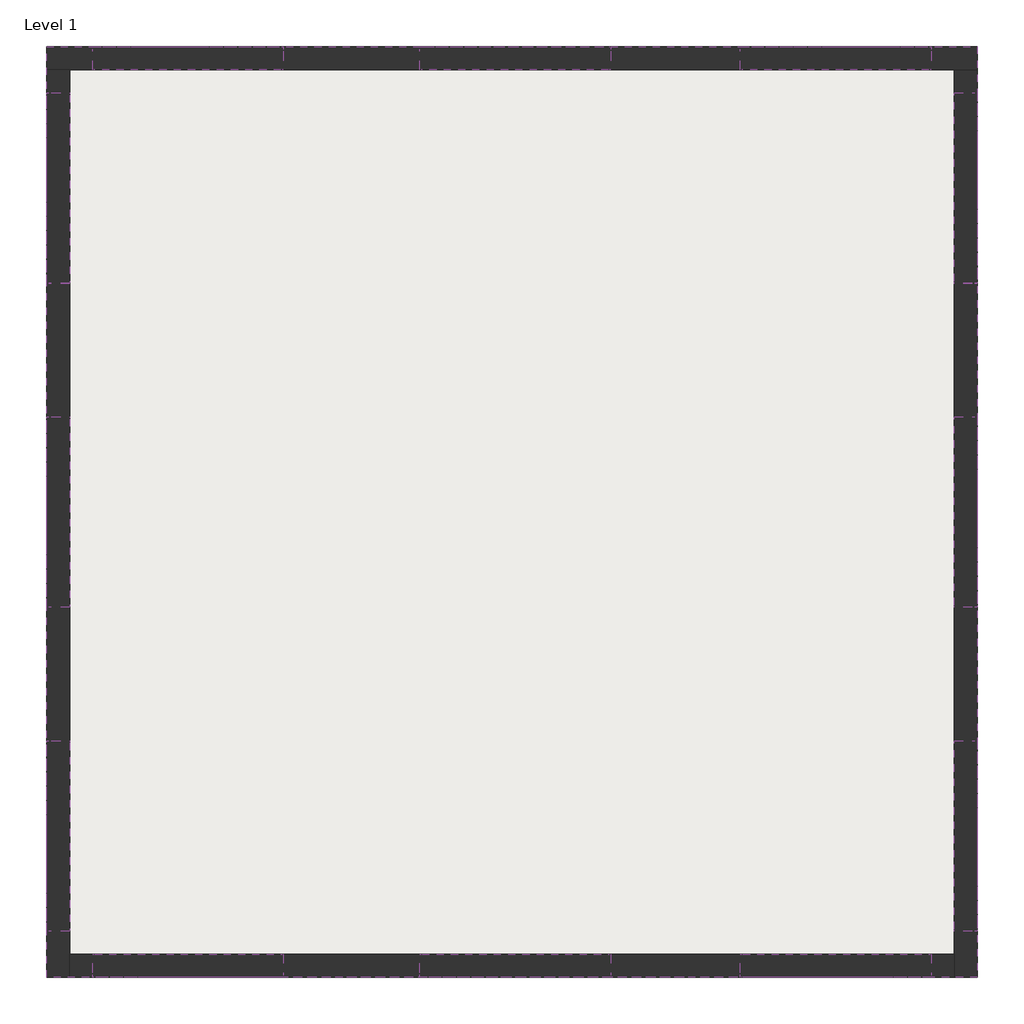
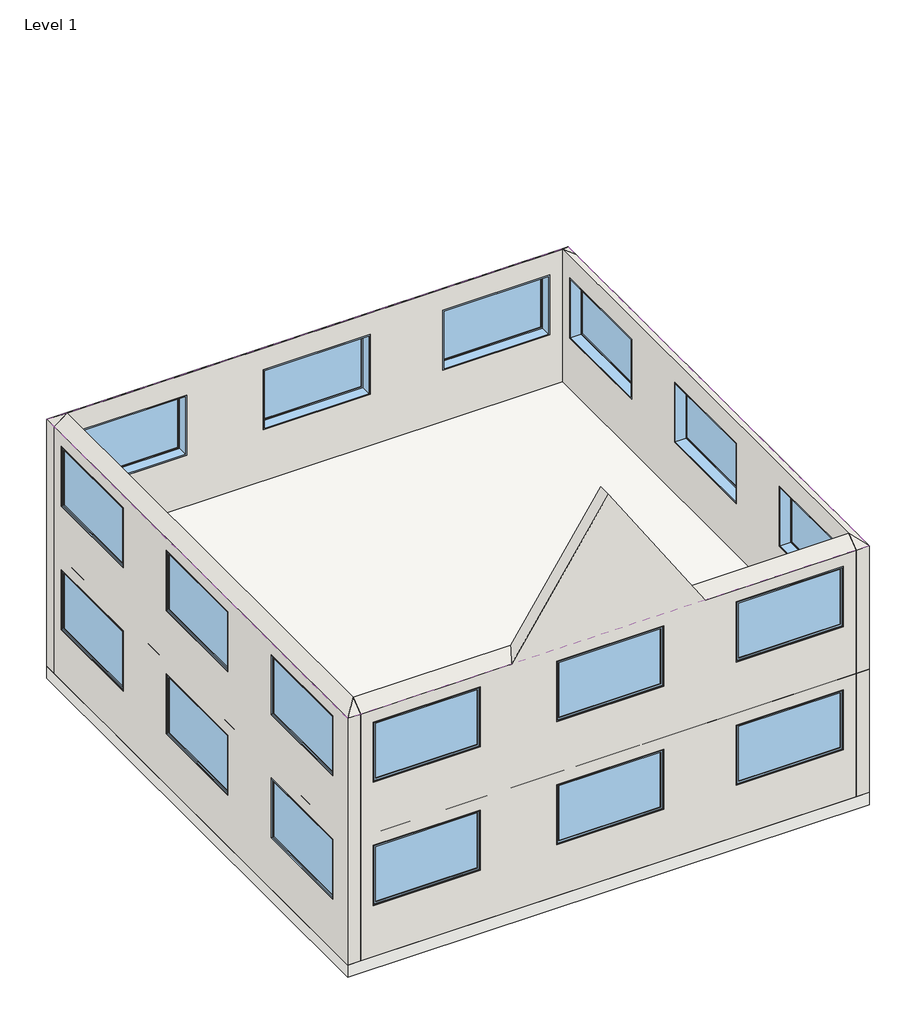
# One storey: 24 windows, 4 walls, 2 slabs, 1 roof.
"""IFC4 building model written with IfcOpenShell, lengths in millimetres."""

import ifcopenshell
import ifcopenshell.guid

model = None  # the IFC model being written
_history = None  # IfcOwnerHistory: only IFC2X3 demands one
_inside = {}  # id of a spatial element -> (the spatial element, [elements in it])
_under = {}  # id of a project, library or spatial element -> (it, [spatial elements below it])
_declared = {}  # id of a project -> (the project, [libraries it declares])
_typed = {}  # id of a type object -> (the type object, [elements of that type])
_made_of = {}  # id of a material, layer set ... -> (it, [elements and type objects made of it])


def new_model(schema):
    """Start an empty IFC model of exactly this schema.

    Asked for "IFC4X3", IfcOpenShell would pick the latest addendum, in which some entities
    have other attributes; the version numbers below select the first issue.
    IFC2X3 requires an IfcOwnerHistory on every rooted entity: one is made here for all.
    """
    global model, _history
    if schema == "IFC4X3":
        model = ifcopenshell.file(schema_version=(4, 3, 0, 0))
    else:
        model = ifcopenshell.file(schema=schema)
    _inside.clear()
    _under.clear()
    _declared.clear()
    _typed.clear()
    _made_of.clear()
    _history = None
    if model.schema == "IFC2X3":
        org = make("IfcOrganization", Name="unknown")
        user = make(
            "IfcPersonAndOrganization",
            ThePerson=make("IfcPerson", FamilyName="unknown"),
            TheOrganization=org,
        )
        app = make(
            "IfcApplication",
            ApplicationDeveloper=org,
            Version="unknown",
            ApplicationFullName="unknown",
            ApplicationIdentifier="unknown",
        )
        _history = make(
            "IfcOwnerHistory",
            OwningUser=user,
            OwningApplication=app,
            ChangeAction="ADDED",
            CreationDate=0,
        )
    return model


def make(cls, **values):
    """One entity of the class cls with the attributes given. An attribute that is None is left unset."""
    return model.create_entity(
        cls, **{name: value for name, value in values.items() if value is not None}
    )


def rooted(cls, **values):
    """An entity with a GlobalId (a new one), such as an element, a storey or a relation."""
    return make(cls, GlobalId=ifcopenshell.guid.new(), OwnerHistory=_history, **values)


def si_unit(unit_type, name, prefix=None):
    """IfcSIUnit, for example si_unit("LENGTHUNIT", "METRE", prefix="MILLI")."""
    return make("IfcSIUnit", UnitType=unit_type, Prefix=prefix, Name=name)


def assignment(units):
    """IfcUnitAssignment: the units of a project."""
    return None if units is None else make("IfcUnitAssignment", Units=units)


def point(xyz):
    """IfcCartesianPoint."""
    return None if xyz is None else make("IfcCartesianPoint", Coordinates=xyz)


def direction(xyz):
    """IfcDirection."""
    return None if xyz is None else make("IfcDirection", DirectionRatios=xyz)


def frame(location, z_axis=None, x_axis=None):
    """IfcAxis2Placement3D, a coordinate frame: its origin and axes. An axis left out is left unset."""
    return make(
        "IfcAxis2Placement3D",
        Location=point(location),
        Axis=direction(z_axis),
        RefDirection=direction(x_axis),
    )


def origin():
    """The frame at (0, 0, 0) with its axes left unset."""
    return frame((0.0, 0.0, 0.0))


def place(relative_to, where):
    """IfcLocalPlacement: puts the frame where relative to a parent placement (None: the world)."""
    return make(
        "IfcLocalPlacement", PlacementRelTo=relative_to, RelativePlacement=where
    )


def context(
    kind, dimensions, precision=None, world=None, true_north=None, identifier=None
):
    """IfcGeometricRepresentationContext, for example the 3D "Model" context."""
    return make(
        "IfcGeometricRepresentationContext",
        ContextIdentifier=identifier,
        ContextType=kind,
        CoordinateSpaceDimension=dimensions,
        Precision=precision,
        WorldCoordinateSystem=world,
        TrueNorth=true_north,
    )


def project(units=None, contexts=None):
    """IfcProject with its units and contexts."""
    return rooted(
        "IfcProject",
        Name="project",
        RepresentationContexts=contexts,
        UnitsInContext=assignment(units),
    )


def spatial(cls, under=None, at=None, **own):
    """A site, building, storey or space (cls), placed at a placement, below another one or the project."""
    s = rooted(cls, ObjectPlacement=at, **own)
    if under is not None:
        _under.setdefault(under.id(), (under, []))[1].append(s)
    return s


def polyline(points):
    """IfcPolyline through the points."""
    return make("IfcPolyline", Points=[point(p) for p in points])


def outline(outer, holes=None, kind="AREA"):
    """IfcArbitraryClosedProfileDef: a profile drawn as a closed curve; with holes, ...WithVoids."""
    if holes is None:
        return make("IfcArbitraryClosedProfileDef", ProfileType=kind, OuterCurve=outer)
    return make(
        "IfcArbitraryProfileDefWithVoids",
        ProfileType=kind,
        OuterCurve=outer,
        InnerCurves=holes,
    )


def extrude(swept, where, along, depth):
    """IfcExtrudedAreaSolid: the profile swept, set in the frame where, extruded along a direction by depth."""
    return make(
        "IfcExtrudedAreaSolid",
        SweptArea=swept,
        Position=where,
        ExtrudedDirection=direction(along),
        Depth=depth,
    )


def faces_of(points, faces, orient=None, outer=None):
    """IfcFace entities. A face is a list of loops; a loop is a list of indices into points, from 0.

    orient and outer hold one flag for each loop. By default every Orientation is true, the
    first loop of a face is its IfcFaceOuterBound and the others are IfcFaceBound.
    """
    made = []
    for i, loops in enumerate(faces):
        bounds = []
        for j, loop in enumerate(loops):
            is_outer = j == 0 if outer is None else outer[i][j]
            bounds.append(
                make(
                    "IfcFaceOuterBound" if is_outer else "IfcFaceBound",
                    Bound=make("IfcPolyLoop", Polygon=[points[k] for k in loop]),
                    Orientation=True if orient is None else orient[i][j],
                )
            )
        made.append(make("IfcFace", Bounds=bounds))
    return made


def faceted_brep(points, faces, orient=None, outer=None, voids=None):
    """IfcFacetedBrep: a solid bounded by flat faces; with voids (closed shells), ...WithVoids."""
    shared = [point(p) for p in points]
    hull = make("IfcClosedShell", CfsFaces=faces_of(shared, faces, orient, outer))
    if voids is None:
        return make("IfcFacetedBrep", Outer=hull)
    return make(
        "IfcFacetedBrepWithVoids",
        Outer=hull,
        Voids=[
            make(cls, CfsFaces=faces_of(shared, fs, o, b)) for cls, fs, o, b in voids
        ],
    )


def shape(context_of_items, identifier, shape_type, items):
    """IfcShapeRepresentation: the items that make up one representation, for example the "Body"."""
    return make(
        "IfcShapeRepresentation",
        ContextOfItems=context_of_items,
        RepresentationIdentifier=identifier,
        RepresentationType=shape_type,
        Items=items,
    )


def source(mapping_origin, context_of_items, identifier, shape_type, items):
    """IfcRepresentationMap: a shape defined once, which mapped items show again and again."""
    return make(
        "IfcRepresentationMap",
        MappingOrigin=mapping_origin,
        MappedRepresentation=shape(context_of_items, identifier, shape_type, items),
    )


def transform(
    local_origin,
    x_axis=None,
    y_axis=None,
    z_axis=None,
    scale=None,
    scale2=None,
    scale3=None,
    uniform=True,
):
    """IfcCartesianTransformationOperator3D, or its non-uniform kind. x_axis, y_axis, z_axis: its Axis1, 2, 3."""
    if uniform:
        return make(
            "IfcCartesianTransformationOperator3D",
            Axis1=direction(x_axis),
            Axis2=direction(y_axis),
            LocalOrigin=point(local_origin),
            Scale=scale,
            Axis3=direction(z_axis),
        )
    return make(
        "IfcCartesianTransformationOperator3DnonUniform",
        Axis1=direction(x_axis),
        Axis2=direction(y_axis),
        LocalOrigin=point(local_origin),
        Scale=scale,
        Axis3=direction(z_axis),
        Scale2=scale2,
        Scale3=scale3,
    )


def mapped(mapping_source, mapping_target):
    """IfcMappedItem: shows the shape of a source again, moved by a transform."""
    return make(
        "IfcMappedItem", MappingSource=mapping_source, MappingTarget=mapping_target
    )


def made_of(thing, what):
    """Note that an element or type object is made of a material, layer set ...; save() writes the relation."""
    if what is not None:
        _made_of.setdefault(what.id(), (what, []))[1].append(thing)
    return thing


def element(
    cls,
    number,
    at=None,
    inside=None,
    cuts=None,
    type_object=None,
    material=None,
    context=None,
    identifier="Body",
    shape_type=None,
    held_by="IfcProductDefinitionShape",
    body=None,
    shapes=None,
    **own,
):
    """One element of the class cls, such as IfcWall. Its Tag is "e" and its number.

    at: its placement. inside: the storey or other place that contains it. cuts: it is an
    opening in that element (IfcRelVoidsElement). A single representation is given by context,
    identifier, shape_type and body (its items); several are given by shapes. held_by: the class
    of the entity that holds the representations. save() writes the other relations.
    """
    e = rooted(cls, Tag="e%d" % number, ObjectPlacement=at, **own)
    if body is not None:
        shapes = [shape(context, identifier, shape_type, body)]
    if shapes is not None:
        e.Representation = make(held_by, Representations=shapes)
    if inside is not None:
        _inside.setdefault(inside.id(), (inside, []))[1].append(e)
    if cuts is not None:
        rooted(
            "IfcRelVoidsElement", RelatingBuildingElement=cuts, RelatedOpeningElement=e
        )
    if type_object is not None:
        _typed.setdefault(type_object.id(), (type_object, []))[1].append(e)
    return made_of(e, material)


def aggregate(whole, parts):
    """IfcRelAggregates: a whole, such as a stair, and the parts it consists of."""
    return rooted("IfcRelAggregates", RelatingObject=whole, RelatedObjects=parts)


def save(model, path):
    """Write the relations noted so far, then the file.

    IfcRelAggregates (storeys below a building ...), IfcRelContainedInSpatialStructure (elements
    in a storey), IfcRelDefinesByType, IfcRelAssociatesMaterial and IfcRelDeclares: one each for
    every whole, place, type object, material and project.
    """
    for whole, parts in _under.values():
        aggregate(whole, parts)
    for where, things in _inside.values():
        rooted(
            "IfcRelContainedInSpatialStructure",
            RelatedElements=things,
            RelatingStructure=where,
        )
    for kind, things in _typed.values():
        rooted("IfcRelDefinesByType", RelatedObjects=things, RelatingType=kind)
    for what, things in _made_of.values():
        rooted("IfcRelAssociatesMaterial", RelatedObjects=things, RelatingMaterial=what)
    for by, libraries in _declared.values():
        rooted("IfcRelDeclares", RelatingContext=by, RelatedDefinitions=libraries)
    model.write(path)


def m_fixed_2500_x_1486mm_baf7df51(model_context):
    return source(origin(), model_context, "Body", "SweptSolid", [
        extrude(outline(polyline([(-1187.0, 130.4), (1187.0, 130.4), (1187.0, 118.4), (-1187.0, 118.4), (-1187.0, 130.4)])), frame((0.0, 0.0, 978.0), z_axis=(0.0, 0.0, 1.0), x_axis=(1.0, 0.0, 0.0)), (0.0, 0.0, 1.0), 1360.5),
        extrude(outline(polyline([(2382.5, -1231.0), (934.0, -1231.0), (934.0, 1231.0), (2382.5, 1231.0), (2382.5, -1231.0)]), holes=[polyline([(2338.5, -1187.0), (2338.5, 1187.0), (978.0, 1187.0), (978.0, -1187.0), (2338.5, -1187.0)])]), frame((0.0, 102.4, 0.0), z_axis=(0.0, 1.0, 0.0), x_axis=(0.0, 0.0, 1.0)), (0.0, 0.0, 1.0), 44.0),
        extrude(outline(polyline([(2401.5, -1250.0), (915.0, -1250.0), (915.0, 1250.0), (2401.5, 1250.0), (2401.5, -1250.0)]), holes=[polyline([(2382.5, -1231.0), (2382.5, 1231.0), (934.0, 1231.0), (934.0, -1231.0), (2382.5, -1231.0)])]), frame((0.0, 102.4, 0.0), z_axis=(0.0, 1.0, 0.0), x_axis=(0.0, 0.0, 1.0)), (0.0, 0.0, 1.0), 63.0),
        extrude(outline(polyline([(2401.5, -1250.0), (915.0, -1250.0), (915.0, 1250.0), (2401.5, 1250.0), (2401.5, -1250.0)]), holes=[polyline([(2369.5, -1218.0), (2369.5, 1218.0), (947.0, 1218.0), (947.0, -1218.0), (2369.5, -1218.0)])]), frame((0.0, -139.4, 0.0), z_axis=(0.0, 1.0, 0.0), x_axis=(0.0, 0.0, 1.0)), (0.0, 0.0, 1.0), 241.8),
    ])


def m_fixed_2500_x_1486mm_49bc14c1(model_context):
    return source(origin(), model_context, "Body", "SweptSolid", [
        extrude(outline(polyline([(-1187.0, -130.4), (-1187.0, -118.4), (1187.0, -118.4), (1187.0, -130.4), (-1187.0, -130.4)])), frame((0.0, 0.0, 978.0), z_axis=(0.0, 0.0, 1.0), x_axis=(1.0, 0.0, 0.0)), (0.0, 0.0, 1.0), 1360.5),
        extrude(outline(polyline([(2382.5, -1231.0), (934.0, -1231.0), (934.0, 1231.0), (2382.5, 1231.0), (2382.5, -1231.0)]), holes=[polyline([(2338.5, -1187.0), (2338.5, 1187.0), (978.0, 1187.0), (978.0, -1187.0), (2338.5, -1187.0)])]), frame((0.0, -146.4, 0.0), z_axis=(0.0, 1.0, 0.0), x_axis=(0.0, 0.0, 1.0)), (0.0, 0.0, 1.0), 44.0),
        extrude(outline(polyline([(2401.5, -1250.0), (915.0, -1250.0), (915.0, 1250.0), (2401.5, 1250.0), (2401.5, -1250.0)]), holes=[polyline([(2382.5, -1231.0), (2382.5, 1231.0), (934.0, 1231.0), (934.0, -1231.0), (2382.5, -1231.0)])]), frame((0.0, -165.4, 0.0), z_axis=(0.0, 1.0, 0.0), x_axis=(0.0, 0.0, 1.0)), (0.0, 0.0, 1.0), 63.0),
        extrude(outline(polyline([(2401.5, -1250.0), (915.0, -1250.0), (915.0, 1250.0), (2401.5, 1250.0), (2401.5, -1250.0)]), holes=[polyline([(2369.5, -1218.0), (2369.5, 1218.0), (947.0, 1218.0), (947.0, -1218.0), (2369.5, -1218.0)])]), frame((0.0, -102.4, 0.0), z_axis=(0.0, 1.0, 0.0), x_axis=(0.0, 0.0, 1.0)), (0.0, 0.0, 1.0), 241.8),
    ])


model = new_model("IFC4")

# Units and contexts
model_context = context("Model", 3, world=origin())
ifc_project = project(units=[si_unit("LENGTHUNIT", "METRE", prefix="MILLI")], contexts=[model_context])

# Site, building, storey
site = spatial("IfcSite", under=ifc_project)
building = spatial("IfcBuilding", under=site)
storey = spatial("IfcBuildingStorey", under=building, Name="Level 1", Elevation=0.0)

# Roof
placement = place(None, origin())
element("IfcRoof", 1, ObjectType="Generic Roof - 300mm", at=placement, inside=storey, context=model_context, shape_type="Brep", body=[
    faceted_brep([(21465.644102, 9062.7173115, 6096.0), (15369.644102, 2966.7173115, 10668.0170156), (9273.644102, 9062.7173115, 6096.0), (9273.644102, -3129.2826885, 6096.0), (13109.1679245, -3129.2826885, 6096.0), (12998.044102, -3129.2826885, 6096.0), (21465.644102, -3129.2826885, 6096.0), (17741.244102, -3129.2826885, 6096.0), (17630.1202795, -3129.2826885, 6096.0), (15369.644102, 1410.2073073, 9500.6301678), (15369.644102, -3129.2826885, 9500.6301678), (21465.644102, 9062.7173115, 6471.0005024), (9273.644102, 9062.7173115, 6471.0005024), (15369.644102, 2966.7173115, 11043.0175181), (9273.644102, -3129.2826885, 6471.0005024), (12998.044102, -3129.2826885, 6471.0005024), (15369.644102, 1633.366253, 10043.0005024), (17741.244102, -3129.2826885, 6471.0005024), (21465.644102, -3129.2826885, 6471.0005024), (15369.644102, -3129.2826885, 10043.0005024)], [[[0, 1, 2]], [[2, 1, 3]], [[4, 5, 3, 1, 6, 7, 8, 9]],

Activity - In the entries above, which lines hold the word "every"? Copy them out.

Result for this exercise -
    IFC2X3 requires an IfcOwnerHistory on every rooted entity: one is made here for all.
    orient and outer hold one flag for each loop. By default every Orientation is true, the
    every whole, place, type object, material and project.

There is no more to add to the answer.